**Aim of the exercise**
Filter the entries beneath this task, copying only the lines that hold the word "spatial".

+-------+

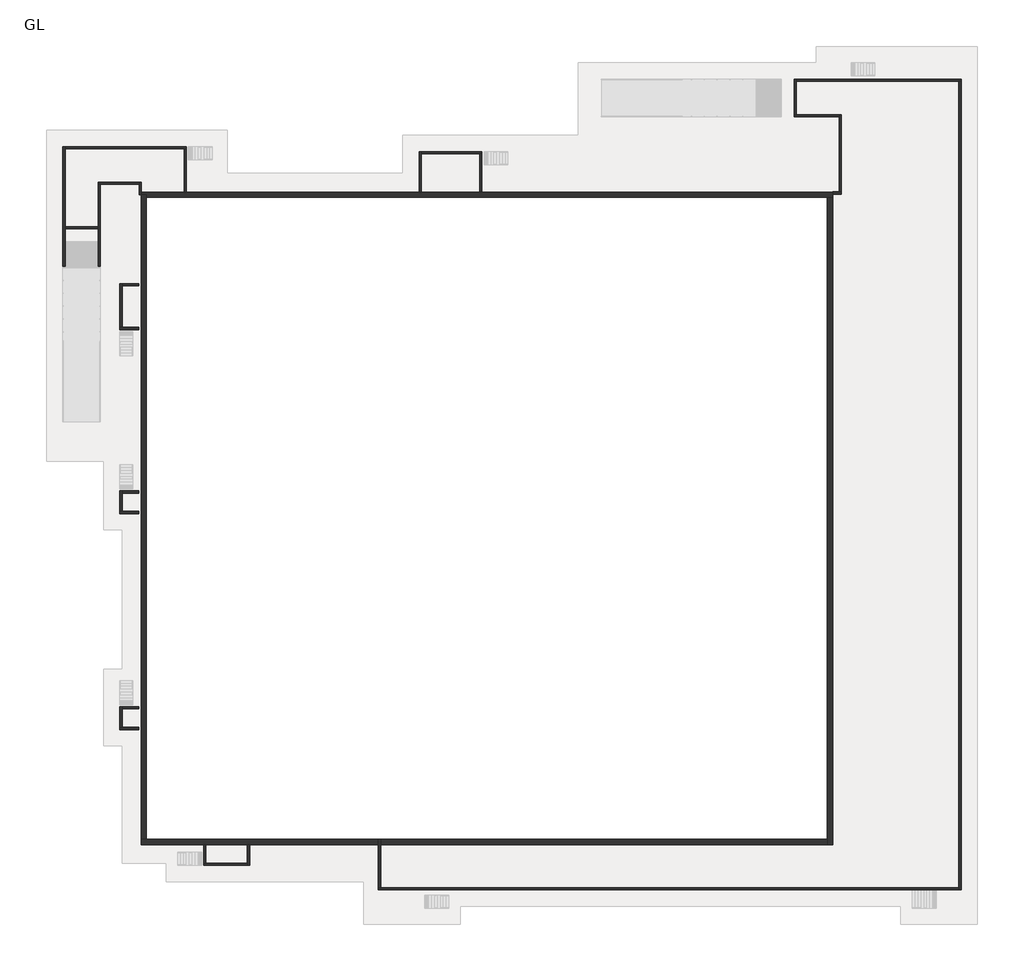
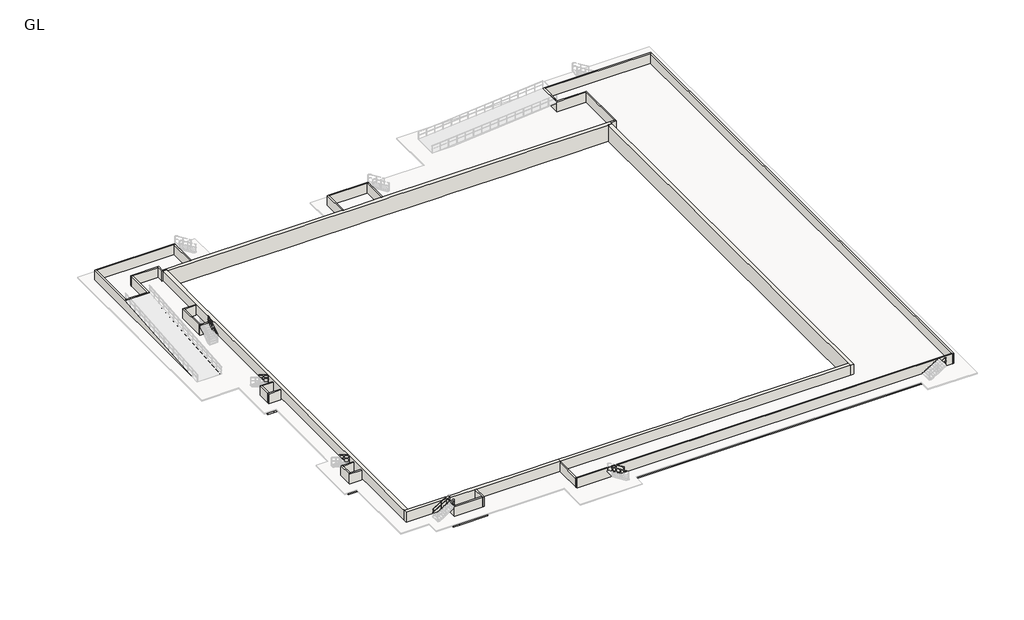
# One storey, part 1 of 2: 35 walls, 22 footings.
"""IFC4 building model written with IfcOpenShell, lengths in millimetres."""

from ifc_helpers import new_model, si_unit, frame, origin, place, context, project, spatial, polyline, outline, extrude, faceted_brep, element, save

model = new_model("IFC4")

# Units and contexts
model_context = context("Model", 3, world=origin())
ifc_project = project(units=[si_unit("LENGTHUNIT", "METRE", prefix="MILLI")], contexts=[model_context])

# Site, building, storey
site = spatial("IfcSite", under=ifc_project)
building = spatial("IfcBuilding", under=site)
storey = spatial("IfcBuildingStorey", under=building, Name="GL", Elevation=-1200.0)

# Footings
placement = place(None, origin())
element("IfcFooting", 1, ObjectType="900x300", at=placement, inside=storey, context=model_context, shape_type="Brep", body=[
    faceted_brep([(-450.0, 11324.7934796, -2200.0), (-450.0, 10424.7934796, -2200.0), (-450.0, 10424.7934796, -2500.0), (-450.0, 11324.7934796, -2500.0), (-1666.0, 11324.7934796, -2200.0), (-2566.0, 11324.7934796, -2200.0), (-2566.0, 10424.7934796, -2200.0), (-2566.0, 10424.7934796, -2500.0), (-2566.0, 11324.7934796, -2500.0), (-1666.0, 11324.7934796, -2500.0)], [[[0, 1, 2, 3]], [[0, 4, 5, 6, 1]], [[2, 1, 6, 7]], [[3, 2, 7, 8, 9]], [[0, 3, 9, 8, 5, 4]], [[6, 5, 8, 7]]]),
])
element("IfcFooting", 2, ObjectType="900x300", at=placement, inside=storey, context=model_context, shape_type="Brep", body=[
    faceted_brep([(-1666.0, 13262.7934796, -2200.0), (-2566.0, 13262.7934796, -2200.0), (-2566.0, 11324.7934796, -2200.0), (-1666.0, 11324.7934796, -2200.0), (-1666.0, 12362.7934796, -2200.0), (-2566.0, 13262.7934796, -2500.0), (-2566.0, 11324.7934796, -2500.0), (-1666.0, 13262.7934796, -2500.0), (-1666.0, 12362.7934796, -2500.0), (-1666.0, 11324.7934796, -2500.0)], [[[0, 1, 2, 3, 4]], [[1, 5, 6, 2]], [[5, 7, 8, 9, 6]], [[7, 0, 4, 3, 9, 8]], [[3, 2, 6, 9]], [[1, 0, 7, 5]]]),
])
element("IfcFooting", 3, ObjectType="900x300", at=placement, inside=storey, context=model_context, shape_type="SweptSolid", body=[
    extrude(outline(polyline([(-450.0, 13262.7934796), (-450.0, 12362.7934796), (-1666.0, 12362.7934796), (-1666.0, 13262.7934796), (-450.0, 13262.7934796)])), frame((0.0, 0.0, -2500.0), z_axis=(0.0, 0.0, 1.0), x_axis=(1.0, 0.0, 0.0)), (0.0, 0.0, 1.0), 300.0),
])
element("IfcFooting", 4, ObjectType="900x300", at=placement, inside=storey, context=model_context, shape_type="Brep", body=[
    faceted_brep([(5264.0, 47.0208589, -2200.0), (6164.0, 47.0208589, -2200.0), (6164.0, 47.0208589, -2500.0), (5264.0, 47.0208589, -2500.0), (6164.0, -2227.9791411, -2200.0), (6164.0, -1327.9791411, -2200.0), (5264.0, -2227.9791411, -2200.0), (5264.0, -2227.9791411, -2500.0), (6164.0, -2227.9791411, -2500.0), (6164.0, -1327.9791411, -2500.0)], [[[0, 1, 2, 3]], [[4, 5, 1, 0, 6]], [[7, 6, 0, 3]], [[8, 7, 3, 2, 9]], [[4, 8, 9, 2, 1, 5]], [[4, 6, 7, 8]]]),
])
element("IfcFooting", 5, ObjectType="900x300", at=placement, inside=storey, context=model_context, shape_type="Brep", body=[
    faceted_brep([(10234.5452414, -2227.9791411, -2200.0), (10234.5452414, -1327.9791411, -2200.0), (9334.5452414, -1327.9791411, -2200.0), (6164.0, -1327.9791411, -2200.0), (6164.0, -2227.9791411, -2200.0), (10234.5452414, -2227.9791411, -2500.0), (6164.0, -2227.9791411, -2500.0), (10234.5452414, -1327.9791411, -2500.0), (6164.0, -1327.9791411, -2500.0), (9334.5452414, -1327.9791411, -2500.0)], [[[0, 1, 2, 3, 4]], [[5, 0, 4, 6]], [[7, 5, 6, 8, 9]], [[1, 7, 9, 8, 3, 2]], [[4, 3, 8, 6]], [[1, 0, 5, 7]]]),
])
element("IfcFooting", 6, ObjectType="900x300", at=placement, inside=storey, context=model_context, shape_type="SweptSolid", body=[
    extrude(outline(polyline([(9334.5452414, 47.0208589), (10234.5452414, 47.0208589), (10234.5452414, -1327.9791411), (9334.5452414, -1327.9791411), (9334.5452414, 47.0208589)])), frame((0.0, 0.0, -2500.0), z_axis=(0.0, 0.0, 1.0), x_axis=(1.0, 0.0, 0.0)), (0.0, 0.0, 1.0), 300.0),
])
element("IfcFooting", 7, ObjectType="900x300", at=placement, inside=storey, context=model_context, shape_type="Brep", body=[
    faceted_brep([(21564.0, 547.0208589, -2200.0), (22464.0, 547.0208589, -2200.0), (22464.0, 547.0208589, -2500.0), (21564.0, 547.0208589, -2500.0), (22464.0, -4527.9791411, -2200.0), (22464.0, -3627.9791411, -2200.0), (21564.0, -4527.9791411, -2200.0), (21564.0, -4527.9791411, -2500.0), (22464.0, -4527.9791411, -2500.0), (22464.0, -3627.9791411, -2500.0)], [[[0, 1, 2, 3]], [[4, 5, 1, 0, 6]], [[7, 6, 0, 3]], [[8, 7, 3, 2, 9]], [[4, 8, 9, 2, 1, 5]], [[4, 6, 7, 8]]]),
])
element("IfcFooting", 8, ObjectType="900x300", at=placement, inside=storey, context=model_context, shape_type="Brep", body=[
    faceted_brep([(76641.0, -4527.9791411, -2200.0), (76641.0, -3627.9791411, -2200.0), (75741.0, -3627.9791411, -2200.0), (22464.0, -3627.9791411, -2200.0), (22464.0, -4527.9791411, -2200.0), (76641.0, -4527.9791411, -2500.0), (22464.0, -4527.9791411, -2500.0), (76641.0, -3627.9791411, -2500.0), (22464.0, -3627.9791411, -2500.0), (75741.0, -3627.9791411, -2500.0)], [[[0, 1, 2, 3, 4]], [[5, 0, 4, 6]], [[7, 5, 6, 8, 9]], [[1, 7, 9, 8, 3, 2]], [[4, 3, 8, 6]], [[1, 0, 5, 7]]]),
])
element("IfcFooting", 9, ObjectType="900x300", at=placement, inside=storey, context=model_context, shape_type="SweptSolid", body=[
    extrude(outline(polyline([(26250.0, 60949.5208589), (25350.0, 60949.5208589), (25350.0, 64152.0208589), (26250.0, 64152.0208589), (26250.0, 60949.5208589)])), frame((0.0, 0.0, -2500.0), z_axis=(0.0, 0.0, 1.0), x_axis=(1.0, 0.0, 0.0)), (0.0, 0.0, 1.0), 300.0),
])
element("IfcFooting", 10, ObjectType="900x300", at=placement, inside=storey, context=model_context, shape_type="Brep", body=[
    faceted_brep([(4325.7243044, 60949.5208589, -2200.0), (3425.7243044, 60949.5208589, -2200.0), (3425.7243044, 60949.5208589, -2500.0), (4325.7243044, 60949.5208589, -2500.0), (3425.7243044, 65527.0208589, -2200.0), (3425.7243044, 64627.0208589, -2200.0), (4325.7243044, 65527.0208589, -2200.0), (4325.7243044, 65527.0208589, -2500.0), (3425.7243044, 65527.0208589, -2500.0), (3425.7243044, 64627.0208589, -2500.0)], [[[0, 1, 2, 3]], [[4, 5, 1, 0, 6]], [[7, 6, 0, 3]], [[8, 7, 3, 2, 9]], [[4, 8, 9, 2, 1, 5]], [[4, 6, 7, 8]]]),
])
element("IfcFooting", 11, ObjectType="900x300", at=placement, inside=storey, context=model_context, shape_type="Brep", body=[
    faceted_brep([(132.1872592, 60699.5208589, -2200.0), (-767.8127408, 60699.5208589, -2200.0), (-767.8127408, 60699.5208589, -2500.0), (132.1872592, 60699.5208589, -2500.0), (132.1872592, 62227.0208589, -2200.0), (-767.8127408, 62227.0208589, -2200.0), (-767.8127408, 61327.0208589, -2200.0), (-767.8127408, 62227.0208589, -2500.0), (-767.8127408, 61327.0208589, -2500.0), (132.1872592, 62227.0208589, -2500.0)], [[[0, 1, 2, 3]], [[0, 4, 5, 6, 1]], [[2, 1, 6, 5, 7, 8]], [[3, 2, 8, 7, 9]], [[0, 3, 9, 4]], [[5, 4, 9, 7]]]),
])
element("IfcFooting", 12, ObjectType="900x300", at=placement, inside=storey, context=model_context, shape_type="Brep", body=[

+-------+

**Exercise output**
from ifc_helpers import new_model, si_unit, frame, origin, place, context, project, spatial, polyline, outline, extrude, faceted_brep, element, save
site = spatial("IfcSite", under=ifc_project)
building = spatial("IfcBuilding", under=site)
storey = spatial("IfcBuildingStorey", under=building, Name="GL", Elevation=-1200.0)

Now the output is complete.